## Work to be completed
Below are the records; copy each line in which "CIRCLE" occurs.

Collected data
***
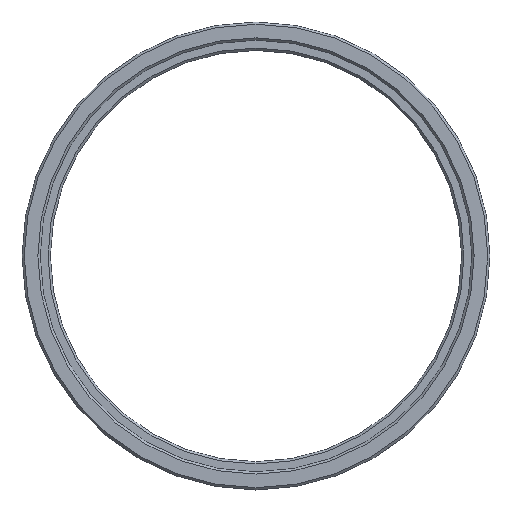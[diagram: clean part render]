
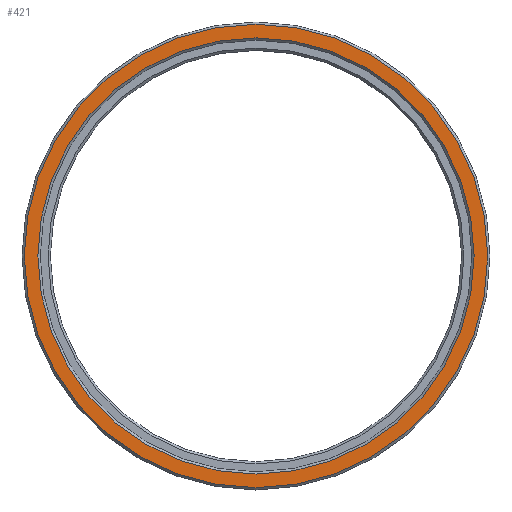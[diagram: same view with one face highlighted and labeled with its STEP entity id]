
A CAD part, top view. The second image highlights one B-rep face of the part: STEP entity #421.
In plain terms, the highlighted planar face has unit normal (0, 0, 1).
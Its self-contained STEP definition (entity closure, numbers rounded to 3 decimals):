
#14 = DIRECTION ( 'NONE',  ( -1., 0., 0. ) ) ;
#26 = CIRCLE ( 'NONE', #121, 30.7 ) ;
#27 = PLANE ( 'NONE',  #399 ) ;
#55 = ORIENTED_EDGE ( 'NONE', *, *, #426, .T. ) ;
#90 = FACE_OUTER_BOUND ( 'NONE', #189, .T. ) ;
#121 = AXIS2_PLACEMENT_3D ( 'NONE', #332, #197, #159 ) ;
#135 = CARTESIAN_POINT ( 'NONE',  ( -30.7, 0., 4. ) ) ;
#159 = DIRECTION ( 'NONE',  ( -1., 0., 0. ) ) ;
#189 = EDGE_LOOP ( 'NONE', ( #55 ) ) ;
#197 = DIRECTION ( 'NONE',  ( 0., 0., 1. ) ) ;
#200 = CARTESIAN_POINT ( 'NONE',  ( -28.9, 0., 4. ) ) ;
#209 = EDGE_LOOP ( 'NONE', ( #297 ) ) ;
#217 = CARTESIAN_POINT ( 'NONE',  ( 0., 0., 4. ) ) ;
#225 = VERTEX_POINT ( 'NONE', #135 ) ;
#227 = CARTESIAN_POINT ( 'NONE',  ( 0., 31., 4. ) ) ;
#264 = VERTEX_POINT ( 'NONE', #200 ) ;
#297 = ORIENTED_EDGE ( 'NONE', *, *, #354, .T. ) ;
#305 = CIRCLE ( 'NONE', #352, 28.9 ) ;
#332 = CARTESIAN_POINT ( 'NONE',  ( 0., 0., 4. ) ) ;
#342 = FACE_BOUND ( 'NONE', #209, .T. ) ;
#352 = AXIS2_PLACEMENT_3D ( 'NONE', #217, #431, #14 ) ;
#354 = EDGE_CURVE ( 'NONE', #264, #264, #305, .T. ) ;
#368 = DIRECTION ( 'NONE',  ( -1., 0., 0. ) ) ;
#399 = AXIS2_PLACEMENT_3D ( 'NONE', #227, #408, #368 ) ;
#408 = DIRECTION ( 'NONE',  ( 0., 0., -1. ) ) ;
#421 = ADVANCED_FACE ( 'NONE', ( #90, #342 ), #27, .F. ) ;
#426 = EDGE_CURVE ( 'NONE', #225, #225, #26, .T. ) ;
#431 = DIRECTION ( 'NONE',  ( 0., 0., -1. ) ) ;
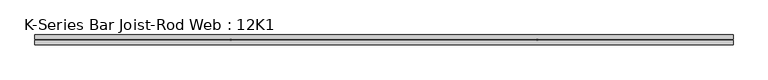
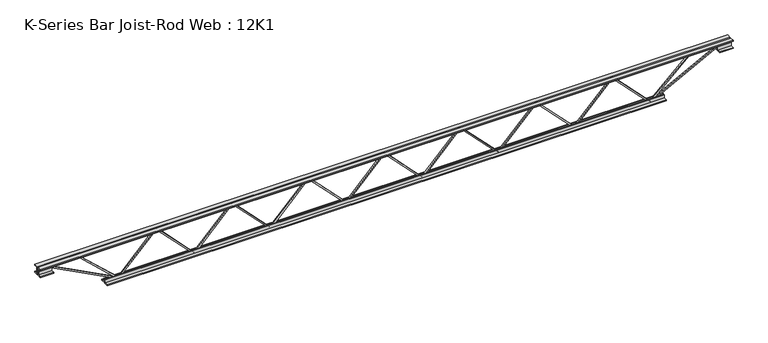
"""IFC4 building model written with IfcOpenShell, lengths in millimetres: beam geometry, K-Series Bar Joist-Rod Web : 12K1."""

from ifc_helpers import new_model, si_unit, frame, origin, place, context, project, spatial, polyline, outline, extrude, source, transform, mapped, element, save


def k_series_bar_joist_rod_web_12k1_8968bb53(model_context):
    return source(origin(), model_context, "Body", "SweptSolid", [
        extrude(outline(polyline([(-141.2875, 866.0946429), (-150.8125, 866.0946429), (-150.8125, 871.2898582), (141.2875, 1153.6380724), (141.2875, 1155.9476418), (-150.8125, 1438.2958561), (-150.8125, 1443.4910714), (-141.2875, 1443.4910714), (-141.2875, 1442.3362867), (150.8125, 1159.9880724), (150.8125, 1149.5976418), (-141.2875, 867.2494276), (-141.2875, 866.0946429)])), frame((0.0, -4.7625, 0.0), z_axis=(0.0, 1.0, 0.0), x_axis=(0.0, 0.0, 1.0)), (0.0, 0.0, 1.0), 9.525),
        extrude(outline(polyline([(-141.2875, 288.6982143), (-150.8125, 288.6982143), (-150.8125, 293.8934296), (141.2875, 576.2416439), (141.2875, 578.5512133), (-150.8125, 860.8994276), (-150.8125, 866.0946429), (-141.2875, 866.0946429), (-141.2875, 864.9398582), (150.8125, 582.5916439), (150.8125, 572.2012133), (-141.2875, 289.852999), (-141.2875, 288.6982143)])), frame((0.0, -4.7625, 0.0), z_axis=(0.0, 1.0, 0.0), x_axis=(0.0, 0.0, 1.0)), (0.0, 0.0, 1.0), 9.525),
        extrude(outline(polyline([(-141.2875, -288.6982143), (-150.8125, -288.6982143), (-150.8125, -283.502999), (141.2875, -1.1547847), (141.2875, 1.1547847), (-150.8125, 283.502999), (-150.8125, 288.6982143), (-141.2875, 288.6982143), (-141.2875, 287.5434296), (150.8125, 5.1952153), (150.8125, -5.1952153), (-141.2875, -287.5434296), (-141.2875, -288.6982143)])), frame((0.0, -4.7625, 0.0), z_axis=(0.0, 1.0, 0.0), x_axis=(0.0, 0.0, 1.0)), (0.0, 0.0, 1.0), 9.525),
        extrude(outline(polyline([(-141.2875, -866.0946429), (-150.8125, -866.0946429), (-150.8125, -860.8994276), (141.2875, -578.5512133), (141.2875, -576.2416439), (-150.8125, -293.8934296), (-150.8125, -288.6982143), (-141.2875, -288.6982143), (-141.2875, -289.852999), (150.8125, -572.2012133), (150.8125, -582.5916439), (-141.2875, -864.9398582), (-141.2875, -866.0946429)])), frame((0.0, -4.7625, 0.0), z_axis=(0.0, 1.0, 0.0), x_axis=(0.0, 0.0, 1.0)), (0.0, 0.0, 1.0), 9.525),
        extrude(outline(polyline([(-141.2875, -1443.4910714), (-150.8125, -1443.4910714), (-150.8125, -1438.2958561), (141.2875, -1155.9476418), (141.2875, -1153.6380724), (-150.8125, -871.2898582), (-150.8125, -866.0946429), (-141.2875, -866.0946429), (-141.2875, -867.2494276), (150.8125, -1149.5976418), (150.8125, -1159.9880724), (-141.2875, -1442.3362867), (-141.2875, -1443.4910714)])), frame((0.0, -4.7625, 0.0), z_axis=(0.0, 1.0, 0.0), x_axis=(0.0, 0.0, 1.0)), (0.0, 0.0, 1.0), 9.525),
        extrude(outline(polyline([(-141.2875, 1443.4910714), (-150.8125, 1443.4910714), (-150.8125, 1448.6862867), (141.2875, 1731.034501), (141.2875, 1733.3440704), (-150.8125, 2015.6922847), (-150.8125, 2020.8875), (-141.2875, 2020.8875), (-141.2875, 2019.7327153), (150.8125, 1737.384501), (150.8125, 1726.9940704), (-141.2875, 1444.6458561), (-141.2875, 1443.4910714)])), frame((0.0, -4.7625, 0.0), z_axis=(0.0, 1.0, 0.0), x_axis=(0.0, 0.0, 1.0)), (0.0, 0.0, 1.0), 9.525),
        extrude(outline(polyline([(-141.2875, -2020.8875), (-150.8125, -2020.8875), (-150.8125, -2015.6922847), (141.2875, -1733.3440704), (141.2875, -1731.034501), (-150.8125, -1448.6862867), (-150.8125, -1443.4910714), (-141.2875, -1443.4910714), (-141.2875, -1444.6458561), (150.8125, -1726.9940704), (150.8125, -1737.384501), (-141.2875, -2019.7327153), (-141.2875, -2020.8875)])), frame((0.0, -4.7625, 0.0), z_axis=(0.0, 1.0, 0.0), x_axis=(0.0, 0.0, 1.0)), (0.0, 0.0, 1.0), 9.525),
        extrude(outline(polyline([(4.7625, 152.4), (36.5125, 152.4), (36.5125, 146.05), (11.1125, 146.05), (11.1125, 120.65), (4.7625, 120.65), (4.7625, 152.4)])), frame((-2630.4875, 0.0, 0.0), z_axis=(1.0, 0.0, 0.0), x_axis=(0.0, 1.0, 0.0)), (0.0, 0.0, 1.0), 5260.975),
        extrude(outline(polyline([(-4.7625, 152.4), (-4.7625, 120.65), (-11.1125, 120.65), (-11.1125, 146.05), (-36.5125, 146.05), (-36.5125, 152.4), (-4.7625, 152.4)])), frame((-2630.4875, 0.0, 0.0), z_axis=(1.0, 0.0, 0.0), x_axis=(0.0, 1.0, 0.0)), (0.0, 0.0, 1.0), 5260.975),
        extrude(outline(polyline([(-4.7625, 88.9), (-36.5125, 88.9), (-36.5125, 95.25), (-11.1125, 95.25), (-11.1125, 120.65), (-4.7625, 120.65), (-4.7625, 88.9)])), frame((-2630.4875, 0.0, 0.0), z_axis=(1.0, 0.0, 0.0), x_axis=(0.0, 1.0, 0.0)), (0.0, 0.0, 1.0), 101.6),
        extrude(outline(polyline([(36.5125, 88.9), (4.7625, 88.9), (4.7625, 120.65), (11.1125, 120.65), (11.1125, 95.25), (36.5125, 95.25), (36.5125, 88.9)])), frame((-2630.4875, 0.0, 0.0), z_axis=(1.0, 0.0, 0.0), x_axis=(0.0, 1.0, 0.0)), (0.0, 0.0, 1.0), 101.6),
        extrude(outline(polyline([(4.7625, 88.9), (4.7625, 120.65), (11.1125, 120.65), (11.1125, 95.25), (36.5125, 95.25), (36.5125, 88.9), (4.7625, 88.9)])), frame((2528.8875, 0.0, 0.0), z_axis=(1.0, 0.0, 0.0), x_axis=(0.0, 1.0, 0.0)), (0.0, 0.0, 1.0), 101.6),
        extrude(outline(polyline([(-4.7625, 88.9), (-36.5125, 88.9), (-36.5125, 95.25), (-11.1125, 95.25), (-11.1125, 120.65), (-4.7625, 120.65), (-4.7625, 88.9)])), frame((2528.8875, 0.0, 0.0), z_axis=(1.0, 0.0, 0.0), x_axis=(0.0, 1.0, 0.0)), (0.0, 0.0, 1.0), 101.6),
        extrude(outline(polyline([(4.7625, -152.4), (4.7625, -120.65), (11.1125, -120.65), (11.1125, -146.05), (36.5125, -146.05), (36.5125, -152.4), (4.7625, -152.4)])), frame((-2122.4875, 0.0, 0.0), z_axis=(1.0, 0.0, 0.0), x_axis=(0.0, 1.0, 0.0)), (0.0, 0.0, 1.0), 4244.975),
        extrude(outline(polyline([(-4.7625, -152.4), (-36.5125, -152.4), (-36.5125, -146.05), (-11.1125, -146.05), (-11.1125, -120.65), (-4.7625, -120.65), (-4.7625, -152.4)])), frame((-2122.4875, 0.0, 0.0), z_axis=(1.0, 0.0, 0.0), x_axis=(0.0, 1.0, 0.0)), (0.0, 0.0, 1.0), 4244.975),
        extrude(outline(polyline([(0.0, -9.525), (0.0, 0.0), (573.7533355, 0.0), (573.7533355, -9.525), (0.0, -9.525)])), frame((-2531.1012714, 4.7625, 116.4332925), z_axis=(0.4648338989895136, 0.0, 0.8853979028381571), x_axis=(0.8853979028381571, 0.0, -0.4648338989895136)), (0.0, 0.0, 1.0), 9.525),
        extrude(outline(polyline([(0.0, -9.525), (0.0, 0.0), (393.0337758, 0.0), (393.0337758, -9.525), (0.0, -9.525)])), frame((-2312.8173927, 4.7625, 117.1517631), z_axis=(0.6785676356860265, 0.0, 0.7345379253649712), x_axis=(0.7345379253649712, 0.0, -0.6785676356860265)), (0.0, 0.0, 1.0), 9.525),
        extrude(outline(polyline([(0.0, -9.525), (0.0, 0.0), (573.7533355, 0.0), (573.7533355, -9.525), (0.0, -9.525)])), frame((2531.1012714, -4.7625, 116.4332925), z_axis=(-0.4648338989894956, 0.0, 0.8853979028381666), x_axis=(-0.8853979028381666, 0.0, -0.4648338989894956)), (0.0, 0.0, 1.0), 9.525),
        extrude(outline(polyline([(0.0, -9.525), (0.0, 0.0), (393.0337758, 0.0), (393.0337758, -9.525), (0.0, -9.525)])), frame((2312.8173927, -4.7625, 117.1517631), z_axis=(-0.6785676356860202, 0.0, 0.7345379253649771), x_axis=(-0.7345379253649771, 0.0, -0.6785676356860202)), (0.0, 0.0, 1.0), 9.525),
    ])


if __name__ == "__main__":
    model = new_model("IFC4")
    model_context = context("Model", 3, world=origin())
    ifc_project = project(units=[si_unit("LENGTHUNIT", "METRE", prefix="MILLI")], contexts=[model_context])
    site = spatial("IfcSite", under=ifc_project)
    building = spatial("IfcBuilding", under=site)
    placement = place(None, origin())
    k_series_bar_joist_rod_web_12k1_shape = k_series_bar_joist_rod_web_12k1_8968bb53(model_context)
    element("IfcBeam", 1, ObjectType="K-Series Bar Joist-Rod Web : 12K1", at=placement, inside=building, context=model_context, shape_type="MappedRepresentation", body=[
        mapped(k_series_bar_joist_rod_web_12k1_shape, transform((0.0, 0.0, 0.0), x_axis=(1.0, 0.0, 0.0), y_axis=(0.0, 1.0, 0.0), z_axis=(0.0, 0.0, 1.0))),
    ])
    save(model, "model.ifc")
***
## Task answer
#26 = CIRCLE ( 'NONE', #121, 30.7 ) ;
#305 = CIRCLE ( 'NONE', #352, 28.9 ) ;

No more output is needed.